Work instruction
Below are entries with pictures among them; reproduce exactly, and only, the lines from the one containing "0 10303 214" down to the one containing "#87 = ADVANCED_FACE( '', ( #118, #119", without the pictures.

Extracted material
════════

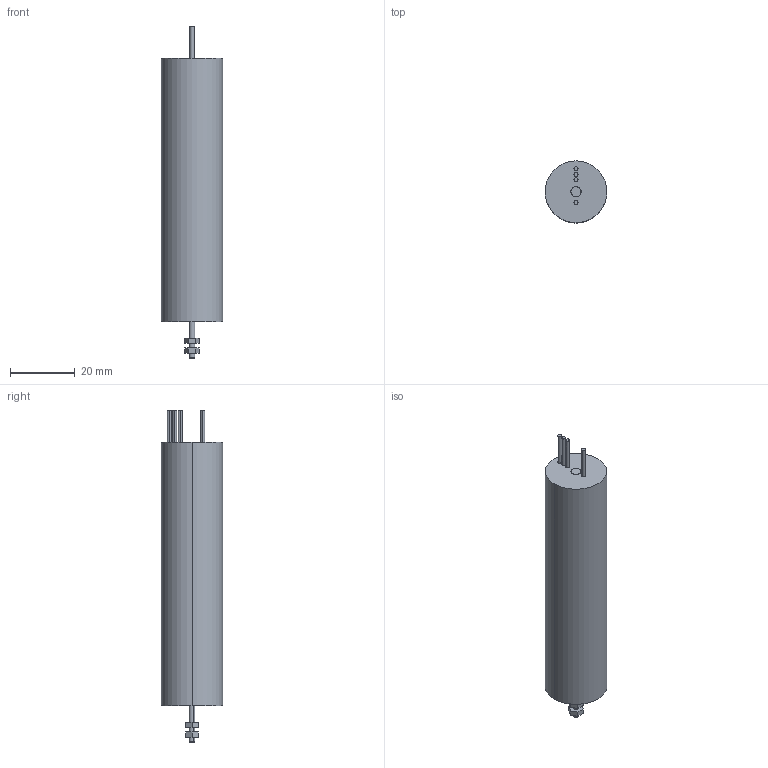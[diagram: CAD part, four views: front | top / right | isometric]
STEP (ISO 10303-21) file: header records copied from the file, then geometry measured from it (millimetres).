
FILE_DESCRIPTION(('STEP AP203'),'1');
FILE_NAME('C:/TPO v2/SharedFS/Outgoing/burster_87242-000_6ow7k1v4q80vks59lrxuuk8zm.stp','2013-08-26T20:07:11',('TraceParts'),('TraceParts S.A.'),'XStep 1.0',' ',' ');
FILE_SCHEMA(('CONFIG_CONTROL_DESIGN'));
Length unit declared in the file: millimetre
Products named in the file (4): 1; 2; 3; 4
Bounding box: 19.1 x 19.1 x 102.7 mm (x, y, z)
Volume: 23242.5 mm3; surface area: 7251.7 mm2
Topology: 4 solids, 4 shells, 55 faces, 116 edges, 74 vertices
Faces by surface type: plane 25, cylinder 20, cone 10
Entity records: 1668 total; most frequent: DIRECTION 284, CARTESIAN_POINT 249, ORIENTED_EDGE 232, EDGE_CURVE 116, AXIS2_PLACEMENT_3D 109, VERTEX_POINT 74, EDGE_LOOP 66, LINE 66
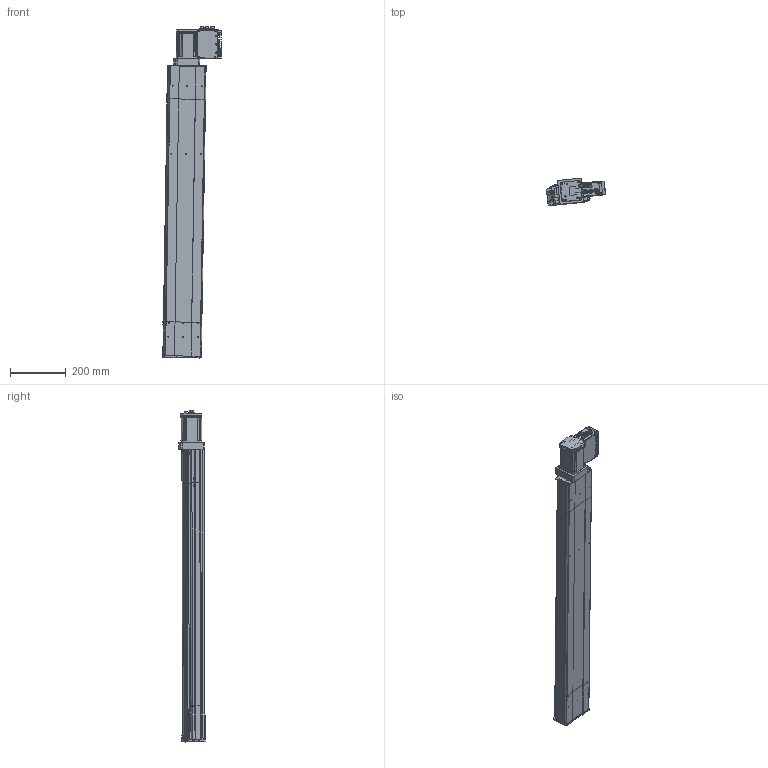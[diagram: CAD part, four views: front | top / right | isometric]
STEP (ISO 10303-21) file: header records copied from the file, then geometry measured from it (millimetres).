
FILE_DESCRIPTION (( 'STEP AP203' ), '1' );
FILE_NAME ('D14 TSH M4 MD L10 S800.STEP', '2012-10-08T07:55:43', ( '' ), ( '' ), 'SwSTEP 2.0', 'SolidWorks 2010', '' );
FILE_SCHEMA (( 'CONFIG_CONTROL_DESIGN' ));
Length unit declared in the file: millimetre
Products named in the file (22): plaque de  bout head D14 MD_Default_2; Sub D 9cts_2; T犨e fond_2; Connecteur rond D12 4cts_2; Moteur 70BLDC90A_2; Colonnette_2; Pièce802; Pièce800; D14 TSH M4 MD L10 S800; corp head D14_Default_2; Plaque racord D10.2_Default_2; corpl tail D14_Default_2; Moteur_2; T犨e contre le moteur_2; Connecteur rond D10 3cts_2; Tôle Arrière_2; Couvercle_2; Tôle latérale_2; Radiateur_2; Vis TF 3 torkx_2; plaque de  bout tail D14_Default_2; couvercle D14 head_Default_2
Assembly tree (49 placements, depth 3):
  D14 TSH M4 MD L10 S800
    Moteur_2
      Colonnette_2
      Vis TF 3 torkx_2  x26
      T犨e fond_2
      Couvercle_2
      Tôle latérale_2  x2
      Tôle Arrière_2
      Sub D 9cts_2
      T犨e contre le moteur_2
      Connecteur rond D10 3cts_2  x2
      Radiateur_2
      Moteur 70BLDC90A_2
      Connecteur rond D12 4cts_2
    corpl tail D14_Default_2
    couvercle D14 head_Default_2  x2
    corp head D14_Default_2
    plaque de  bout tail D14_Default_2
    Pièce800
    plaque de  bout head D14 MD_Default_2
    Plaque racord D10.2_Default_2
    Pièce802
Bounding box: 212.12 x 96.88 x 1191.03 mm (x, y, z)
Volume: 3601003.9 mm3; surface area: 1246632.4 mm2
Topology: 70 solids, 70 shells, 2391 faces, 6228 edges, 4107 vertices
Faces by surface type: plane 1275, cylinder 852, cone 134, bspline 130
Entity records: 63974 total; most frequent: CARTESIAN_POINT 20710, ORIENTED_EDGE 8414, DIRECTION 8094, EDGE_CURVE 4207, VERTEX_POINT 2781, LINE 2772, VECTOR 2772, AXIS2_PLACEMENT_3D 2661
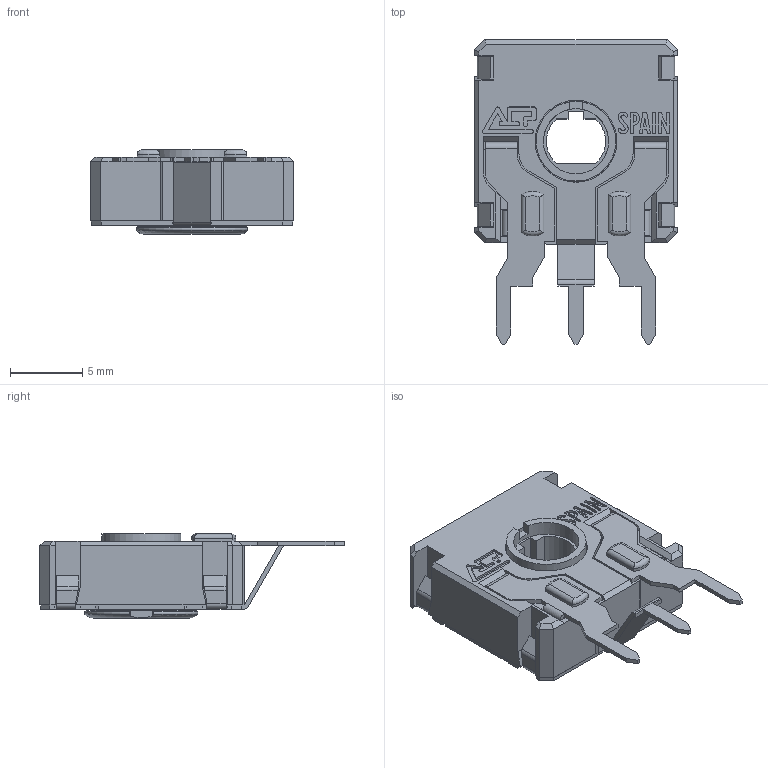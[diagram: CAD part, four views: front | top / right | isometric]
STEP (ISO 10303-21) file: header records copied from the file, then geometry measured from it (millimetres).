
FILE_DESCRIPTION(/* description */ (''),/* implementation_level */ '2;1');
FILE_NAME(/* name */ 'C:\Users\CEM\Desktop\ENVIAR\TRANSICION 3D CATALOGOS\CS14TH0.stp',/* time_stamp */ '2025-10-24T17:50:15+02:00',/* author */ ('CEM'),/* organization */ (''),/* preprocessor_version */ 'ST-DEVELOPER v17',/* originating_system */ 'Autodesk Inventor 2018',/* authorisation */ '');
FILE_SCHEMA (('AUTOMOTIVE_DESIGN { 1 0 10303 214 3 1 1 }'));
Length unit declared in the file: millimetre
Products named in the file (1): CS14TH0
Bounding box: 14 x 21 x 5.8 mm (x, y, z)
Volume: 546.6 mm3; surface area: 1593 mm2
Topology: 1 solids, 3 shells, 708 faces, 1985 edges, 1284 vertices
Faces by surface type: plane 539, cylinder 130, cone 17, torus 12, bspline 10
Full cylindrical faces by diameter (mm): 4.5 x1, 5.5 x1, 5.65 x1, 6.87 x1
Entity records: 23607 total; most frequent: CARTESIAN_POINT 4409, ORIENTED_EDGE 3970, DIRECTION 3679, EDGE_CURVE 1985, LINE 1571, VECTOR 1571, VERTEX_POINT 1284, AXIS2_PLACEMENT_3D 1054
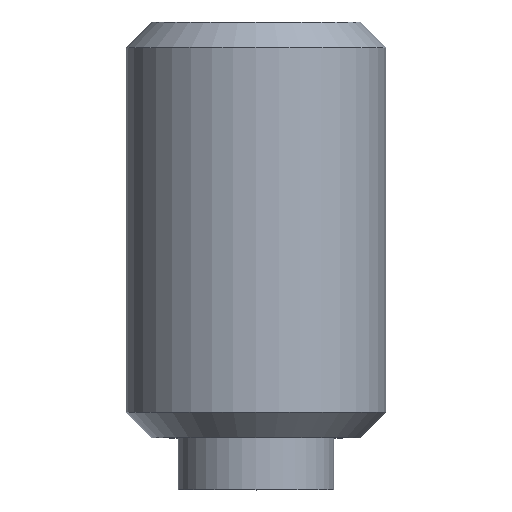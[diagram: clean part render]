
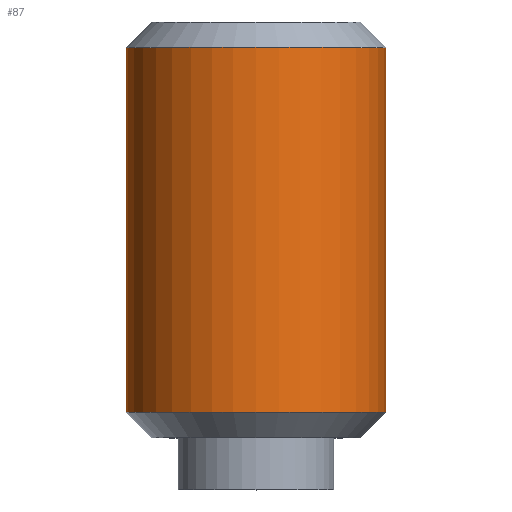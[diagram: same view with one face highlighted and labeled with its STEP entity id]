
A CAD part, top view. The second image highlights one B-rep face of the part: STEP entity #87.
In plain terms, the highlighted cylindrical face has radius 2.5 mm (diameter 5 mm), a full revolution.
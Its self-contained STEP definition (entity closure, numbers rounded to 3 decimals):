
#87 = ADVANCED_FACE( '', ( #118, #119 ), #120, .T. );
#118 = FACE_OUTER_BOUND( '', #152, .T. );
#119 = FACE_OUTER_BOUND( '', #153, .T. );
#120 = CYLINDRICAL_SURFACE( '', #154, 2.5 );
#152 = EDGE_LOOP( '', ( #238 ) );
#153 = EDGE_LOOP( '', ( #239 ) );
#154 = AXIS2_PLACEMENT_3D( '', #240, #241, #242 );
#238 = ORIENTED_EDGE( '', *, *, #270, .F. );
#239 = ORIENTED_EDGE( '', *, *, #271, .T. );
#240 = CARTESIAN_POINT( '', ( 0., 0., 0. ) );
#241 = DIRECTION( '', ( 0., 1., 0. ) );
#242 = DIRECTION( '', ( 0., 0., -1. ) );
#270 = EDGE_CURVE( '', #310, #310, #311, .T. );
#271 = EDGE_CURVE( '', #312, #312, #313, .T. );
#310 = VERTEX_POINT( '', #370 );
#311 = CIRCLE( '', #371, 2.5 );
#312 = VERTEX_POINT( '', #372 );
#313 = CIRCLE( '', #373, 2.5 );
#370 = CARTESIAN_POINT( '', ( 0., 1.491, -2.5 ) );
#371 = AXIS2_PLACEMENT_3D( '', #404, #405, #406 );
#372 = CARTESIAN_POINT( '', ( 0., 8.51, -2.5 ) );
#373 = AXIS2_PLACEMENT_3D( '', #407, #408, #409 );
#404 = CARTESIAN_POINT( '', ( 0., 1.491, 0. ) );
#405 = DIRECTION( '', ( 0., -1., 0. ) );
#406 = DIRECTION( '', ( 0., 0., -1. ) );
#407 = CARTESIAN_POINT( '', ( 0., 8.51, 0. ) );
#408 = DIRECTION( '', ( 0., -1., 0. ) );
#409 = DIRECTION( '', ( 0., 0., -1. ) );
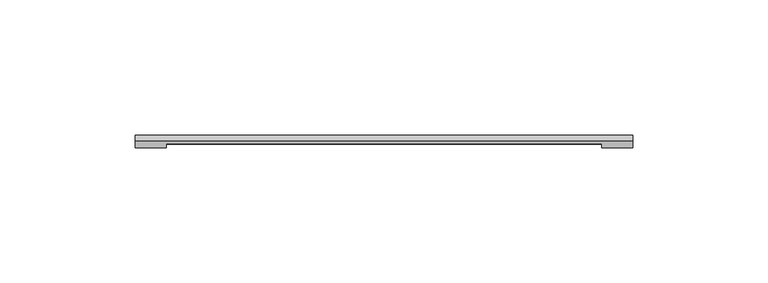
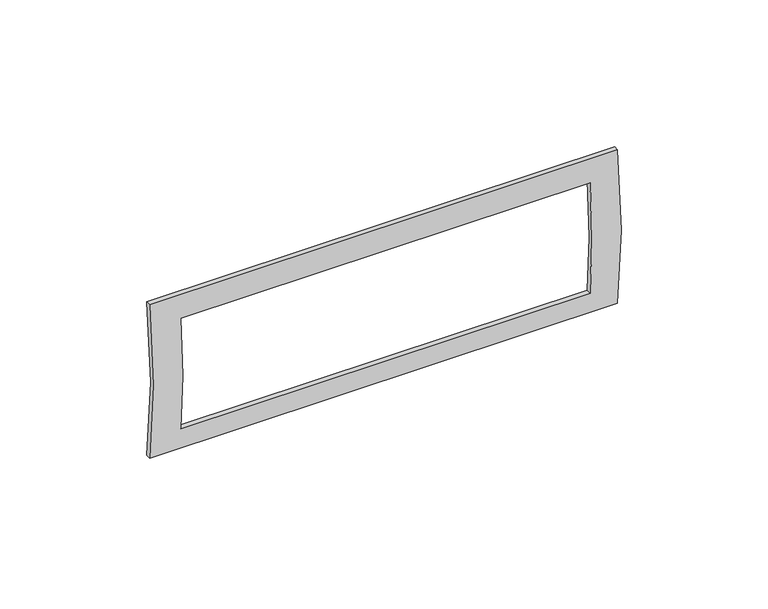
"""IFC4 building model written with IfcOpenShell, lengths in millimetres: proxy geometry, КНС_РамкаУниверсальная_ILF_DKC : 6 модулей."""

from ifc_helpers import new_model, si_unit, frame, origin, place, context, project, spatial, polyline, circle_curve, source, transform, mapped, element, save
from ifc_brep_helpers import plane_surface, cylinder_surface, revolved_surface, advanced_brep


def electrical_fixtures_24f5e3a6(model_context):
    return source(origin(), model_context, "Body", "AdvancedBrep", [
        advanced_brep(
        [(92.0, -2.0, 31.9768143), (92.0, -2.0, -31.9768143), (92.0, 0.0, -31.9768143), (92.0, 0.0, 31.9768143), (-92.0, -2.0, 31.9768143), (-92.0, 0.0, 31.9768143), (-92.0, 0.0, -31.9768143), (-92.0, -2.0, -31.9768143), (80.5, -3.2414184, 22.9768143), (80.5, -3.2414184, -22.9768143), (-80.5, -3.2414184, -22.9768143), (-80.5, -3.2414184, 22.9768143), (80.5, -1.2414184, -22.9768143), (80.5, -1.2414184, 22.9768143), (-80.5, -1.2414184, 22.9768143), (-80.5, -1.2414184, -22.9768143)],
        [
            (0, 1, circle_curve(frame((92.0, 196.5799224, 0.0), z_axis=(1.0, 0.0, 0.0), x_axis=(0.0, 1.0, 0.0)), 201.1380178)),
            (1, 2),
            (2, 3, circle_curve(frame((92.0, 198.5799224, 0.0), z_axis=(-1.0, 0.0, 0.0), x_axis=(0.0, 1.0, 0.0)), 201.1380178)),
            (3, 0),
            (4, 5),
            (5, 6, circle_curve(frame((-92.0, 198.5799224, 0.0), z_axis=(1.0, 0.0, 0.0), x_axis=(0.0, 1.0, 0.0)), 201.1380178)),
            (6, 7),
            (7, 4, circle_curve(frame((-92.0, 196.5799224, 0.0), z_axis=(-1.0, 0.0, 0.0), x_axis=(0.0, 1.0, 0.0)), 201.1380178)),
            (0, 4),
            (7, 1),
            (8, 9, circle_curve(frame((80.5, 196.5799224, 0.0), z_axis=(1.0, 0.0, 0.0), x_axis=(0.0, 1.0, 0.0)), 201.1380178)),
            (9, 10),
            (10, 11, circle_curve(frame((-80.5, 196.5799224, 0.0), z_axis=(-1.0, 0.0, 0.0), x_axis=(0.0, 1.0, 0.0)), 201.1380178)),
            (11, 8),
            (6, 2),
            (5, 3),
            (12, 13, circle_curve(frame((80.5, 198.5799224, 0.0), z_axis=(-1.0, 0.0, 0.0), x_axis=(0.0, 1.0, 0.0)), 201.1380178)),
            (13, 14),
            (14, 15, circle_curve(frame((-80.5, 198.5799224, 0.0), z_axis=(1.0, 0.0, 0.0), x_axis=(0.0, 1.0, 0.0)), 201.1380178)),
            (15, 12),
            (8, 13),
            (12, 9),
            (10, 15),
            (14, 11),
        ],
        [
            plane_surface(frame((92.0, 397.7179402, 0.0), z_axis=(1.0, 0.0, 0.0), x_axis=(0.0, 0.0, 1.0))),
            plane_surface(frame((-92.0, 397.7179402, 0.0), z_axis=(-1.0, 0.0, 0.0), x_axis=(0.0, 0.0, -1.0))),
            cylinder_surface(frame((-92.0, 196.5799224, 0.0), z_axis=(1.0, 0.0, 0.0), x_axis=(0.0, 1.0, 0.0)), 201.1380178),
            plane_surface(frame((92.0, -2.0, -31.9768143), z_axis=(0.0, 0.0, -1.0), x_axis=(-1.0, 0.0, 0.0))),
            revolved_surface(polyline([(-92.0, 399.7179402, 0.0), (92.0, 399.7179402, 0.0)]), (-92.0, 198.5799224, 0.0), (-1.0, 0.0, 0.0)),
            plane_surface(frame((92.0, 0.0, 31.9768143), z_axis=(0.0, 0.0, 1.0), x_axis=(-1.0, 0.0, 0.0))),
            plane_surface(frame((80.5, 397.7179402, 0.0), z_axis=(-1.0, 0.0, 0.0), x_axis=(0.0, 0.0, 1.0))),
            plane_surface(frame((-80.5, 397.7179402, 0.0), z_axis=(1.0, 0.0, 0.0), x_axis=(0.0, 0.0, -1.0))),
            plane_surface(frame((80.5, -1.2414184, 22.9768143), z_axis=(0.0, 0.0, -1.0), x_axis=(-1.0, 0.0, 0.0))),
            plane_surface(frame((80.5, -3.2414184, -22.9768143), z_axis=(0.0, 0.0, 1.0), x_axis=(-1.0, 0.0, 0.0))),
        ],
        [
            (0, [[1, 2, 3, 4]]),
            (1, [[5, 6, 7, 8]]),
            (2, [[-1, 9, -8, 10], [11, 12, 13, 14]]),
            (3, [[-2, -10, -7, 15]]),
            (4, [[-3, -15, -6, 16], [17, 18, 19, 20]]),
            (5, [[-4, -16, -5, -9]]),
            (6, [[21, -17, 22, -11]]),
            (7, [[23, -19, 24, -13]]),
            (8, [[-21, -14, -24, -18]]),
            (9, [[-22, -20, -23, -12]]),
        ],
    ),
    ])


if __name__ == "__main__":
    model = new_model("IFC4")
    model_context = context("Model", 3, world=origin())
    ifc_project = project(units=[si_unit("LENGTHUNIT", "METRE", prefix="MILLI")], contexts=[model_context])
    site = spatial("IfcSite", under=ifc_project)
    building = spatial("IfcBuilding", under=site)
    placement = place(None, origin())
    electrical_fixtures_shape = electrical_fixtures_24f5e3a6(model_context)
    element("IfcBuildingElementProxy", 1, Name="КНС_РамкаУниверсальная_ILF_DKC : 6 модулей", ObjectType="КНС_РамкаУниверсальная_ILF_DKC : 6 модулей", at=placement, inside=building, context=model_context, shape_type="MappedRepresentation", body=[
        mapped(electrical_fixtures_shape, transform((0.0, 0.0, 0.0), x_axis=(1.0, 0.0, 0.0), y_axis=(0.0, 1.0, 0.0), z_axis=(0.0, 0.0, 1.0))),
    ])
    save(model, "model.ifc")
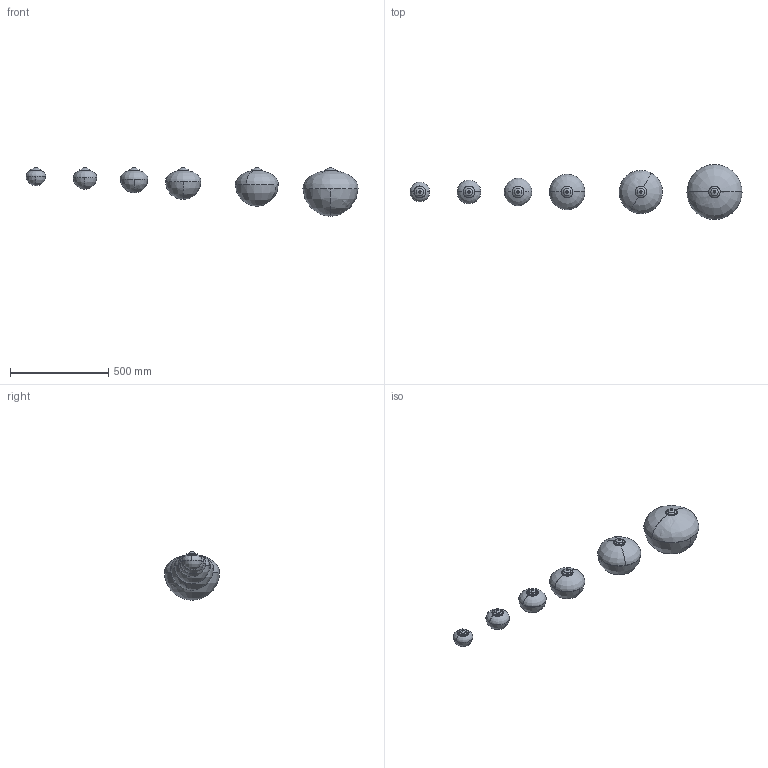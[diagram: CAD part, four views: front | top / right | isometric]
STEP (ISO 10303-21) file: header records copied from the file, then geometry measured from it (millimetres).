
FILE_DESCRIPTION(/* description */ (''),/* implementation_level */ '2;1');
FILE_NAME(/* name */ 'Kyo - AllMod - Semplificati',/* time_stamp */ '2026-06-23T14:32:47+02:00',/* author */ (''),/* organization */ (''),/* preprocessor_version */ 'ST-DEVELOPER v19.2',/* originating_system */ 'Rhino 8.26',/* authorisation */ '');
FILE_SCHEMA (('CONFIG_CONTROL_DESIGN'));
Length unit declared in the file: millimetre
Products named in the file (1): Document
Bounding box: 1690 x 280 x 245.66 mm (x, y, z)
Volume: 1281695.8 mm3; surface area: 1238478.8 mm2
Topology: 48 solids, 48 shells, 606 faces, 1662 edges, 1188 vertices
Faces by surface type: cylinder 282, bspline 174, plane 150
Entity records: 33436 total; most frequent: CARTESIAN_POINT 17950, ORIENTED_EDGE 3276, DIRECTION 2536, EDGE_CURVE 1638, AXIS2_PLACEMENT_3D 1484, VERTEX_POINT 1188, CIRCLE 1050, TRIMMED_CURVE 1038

════════

Response area
FILE_SCHEMA (('AUTOMOTIVE_DESIGN { 1 0 10303 214 3 1 1 }'));
Length unit declared in the file: millimetre
Products named in the file (1): CS14TH0
Bounding box: 14 x 21 x 5.8 mm (x, y, z)
Volume: 546.6 mm3; surface area: 1593 mm2
Topology: 1 solids, 3 shells, 708 faces, 1985 edges, 1284 vertices
Faces by surface type: plane 539, cylinder 130, cone 17, torus 12, bspline 10
Full cylindrical faces by diameter (mm): 4.5 x1, 5.5 x1, 5.65 x1, 6.87 x1
Entity records: 23607 total; most frequent: CARTESIAN_POINT 4409, ORIENTED_EDGE 3970, DIRECTION 3679, EDGE_CURVE 1985, LINE 1571, VECTOR 1571, VERTEX_POINT 1284, AXIS2_PLACEMENT_3D 1054
[diagram: clean part render]
[diagram: same view with one face highlighted and labeled with its STEP entity id]
A CAD part, top view. The second image highlights one B-rep face of the part: STEP entity #87.
In plain terms, the highlighted cylindrical face has radius 2.5 mm (diameter 5 mm), a full revolution.
Its self-contained STEP definition (entity closure, numbers rounded to 3 decimals):
#87 = ADVANCED_FACE( '', ( #118, #119 ), #120, .T. );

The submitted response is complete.